Below are pics of my Dutchie, named Chanel....some are with my GSD. As you can see, the two of them play well together. I became interested in the Dutch Shepherd after observing several in various classes I took my GSD to at the breeder's kennels. They are not for everyone (is any single breed suitable for everyone?) but I could not be happier with my choice to share my life with one. Don't get me wrong....I absolutely, positively love and adore my male GSD and cannot imagine life without a GSD. Anyway, enough talk from me....hope you enjoy the pics.


----------



## LoveEcho (Mar 4, 2011)

elisabeth_00117 said:


> Can you PM me please.
> 
> I have heard only great things from MANY people in the PSA world both in Canada and in the USA and Europe. Have yet to hear any sort of negative comments in reference to Lique or her dogs.


Me either....  I've met a few of their dogs and their handlers have all been exceedingly happy. 
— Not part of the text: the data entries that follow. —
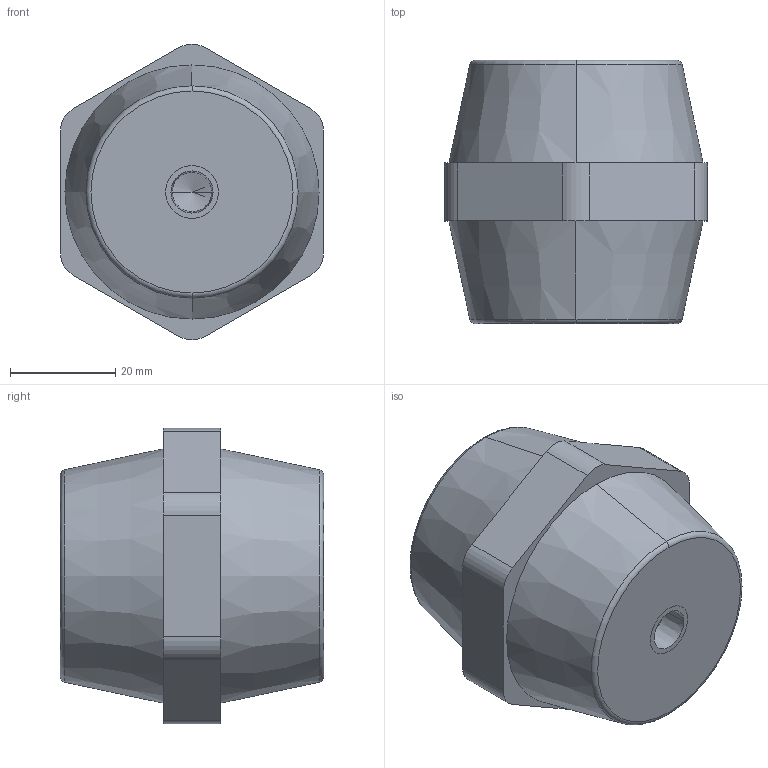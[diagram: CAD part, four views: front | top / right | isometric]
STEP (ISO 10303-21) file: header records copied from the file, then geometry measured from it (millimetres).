
FILE_DESCRIPTION (( 'STEP AP214' ), '1' );
FILE_NAME ('Isolatore 5531 50X50-M8.STEP', '2025-04-14T11:45:03', ( '' ), ( '' ), 'SwSTEP 2.0', 'SolidWorks 2020', '' );
FILE_SCHEMA (( 'AUTOMOTIVE_DESIGN' ));
Length unit declared in the file: millimetre
Products named in the file (1): Isolatore 5531 50X50-M8
Bounding box: 50 x 50 x 56.19 mm (x, y, z)
Volume: 82478.5 mm3; surface area: 13523.6 mm2
Topology: 3 solids, 3 shells, 87 faces, 191 edges, 116 vertices
Faces by surface type: cylinder 39, plane 24, cone 20, torus 4
Entity records: 2882 total; most frequent: DIRECTION 457, CARTESIAN_POINT 383, ORIENTED_EDGE 358, AXIS2_PLACEMENT_3D 190, EDGE_CURVE 179, VERTEX_POINT 116, EDGE_LOOP 105, CIRCLE 102

Kelly-- she is STUNNING :wub::wub: A member on here involved in rescue had a dutchie that stole my heart, but the timing wasn't right. He has another now, I'm very curious to see how she progresses. I am very fond of them. I think they have almost even MORE personality than a Mal, which is impressive


----------



## Chip Blasiole (May 3, 2013)

IMO, the KNPV (non FCI) Malinois and Dutch Shepherds are some of the best working lines available. I believe in the past they have incorporated Pit Bull and Great Dane into some bloodlines. The pedigrees are not always accurate, but if you know the breeder or someone who deals with them importing dogs, they can probably tell you the true pedigree of the dog. I think these dogs are similar to what the GSD was originally, and if you compare their working ability and health problems now days, you can easily see how the popularity of the GSD has contributed to its decline. Originally, brindle was a coat color of the GSD.


----------



## mehpenn (May 22, 2006)

I've only met one, and she was a lovely dog. She was built very similar to a large Malinois and was very active but odedient. 
After meeting her, my husband breifly mentioned getting one... but not knowing the breed or being able to truly interact with any honest examples of the breed to know if it'd really be a good fit for the farm, I'll think we'll stick with the GSD's. 
We can always look online and drool over all the pretty pics.


----------



## elisabeth_00117 (May 17, 2009)

LoveEcho said:


> Me either....  I've met a few of their dogs and their handlers have all been exceedingly happy.
> 
> 
> Kelly-- she is STUNNING :wub::wub: A member on here involved in rescue had a dutchie that stole my heart, but the timing wasn't right. He has another now, I'm very curious to see how she progresses. I am very fond of them. I think they have almost even MORE personality than a Mal, which is impressive


I have learned not to believe what I hear and to go on my own experiences. Couple that with what has been said to me about these dogs and handlers, I am willing to guess those who make remarks have no personal experience with the dogs nor handlers/trainers.


----------



## elisabeth_00117 (May 17, 2009)

Kelly&Kip said:


> I have both a male GSD (16 months old) and a female Dutchie (10 months old). I got both from the same breeder who did an excellent job in matching me with the right dogs. I compete with my dogs and am looking forward to working with my Dutchie in agility, obedience, dock jumping and personal protection.
> 
> I first share with you a link to an article written by my breeder on the Dutch Shepherd and her take on their lineage.
> Our Dutch Shepherds Earn their STRIPES!™ at Cher Car Kennels
> ...


Gorgeous dogs! Your dutchie is adorable!


----------



## selzer (May 7, 2005)

MadLab said:


> Some of them are weighing in at 45 kilo or over 90 pound. That doesn't sound like a small dog to me.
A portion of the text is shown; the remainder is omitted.